[Records excerpted from a collection]
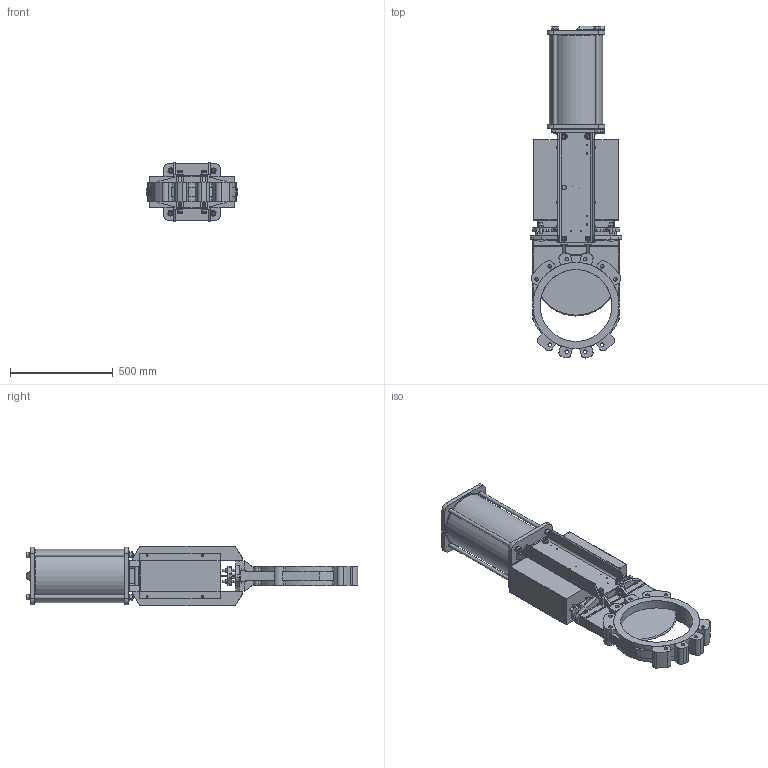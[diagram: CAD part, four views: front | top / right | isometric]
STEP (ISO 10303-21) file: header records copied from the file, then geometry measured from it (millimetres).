
FILE_DESCRIPTION(/* description */ (''),/* implementation_level */ '2;1');
FILE_NAME(/* name */ 'KG01-KG02 DA DN350.step',/* time_stamp */ '2023-06-26T11:40:37+02:00',/* author */ (''),/* organization */ (''),/* preprocessor_version */ 'ST-DEVELOPER v19.2',/* originating_system */ 'Autodesk Translation Framework v12.6.0.85',/* authorisation */ '');
FILE_SCHEMA (('AUTOMOTIVE_DESIGN { 1 0 10303 214 3 1 1 }'));
Length unit declared in the file: millimetre
Products named in the file (1): KG01-KG02 DA DN350
Bounding box: 445 x 1617.8 x 290 mm (x, y, z)
Volume: 67730044.3 mm3; surface area: 2709156.1 mm2
Topology: 21 solids, 21 shells, 1662 faces, 4234 edges, 2662 vertices
Faces by surface type: plane 779, cylinder 466, cone 311, bspline 62, torus 40, sphere 4
Full cylindrical faces by diameter (mm): 3.5 x4, 4.2 x12, 5 x8, 6 x4, 6.5 x8, 8.5 x8, 10.2 x8, 12 x24, 13 x8, 14 x4, 16 x8, 17 x2, 17.5 x20, 18 x20, 18.2 x8, 20 x9, 24 x14, 27.2 x8, 30 x2, 262 x1, 273 x2, 350 x1, 420 x2
Entity records: 51633 total; most frequent: CARTESIAN_POINT 12154, ORIENTED_EDGE 8368, DIRECTION 8299, EDGE_CURVE 4184, AXIS2_PLACEMENT_3D 3175, VERTEX_POINT 2662, LINE 1949, VECTOR 1949

**TASK DETAILS:** From the opening line of the entries, copy each line exactly until the line with "FILE_DESCRIPTION(/* description */", which is copied as well; leave out pictures.

**RESULT OF THE EXERCISE:**
[diagram: CAD part, four views: front | top / right | isometric]
STEP (ISO 10303-21) file: header records copied from the file, then geometry measured from it (millimetres).
FILE_DESCRIPTION(/* description */ (''),/* implementation_level */ '2;1');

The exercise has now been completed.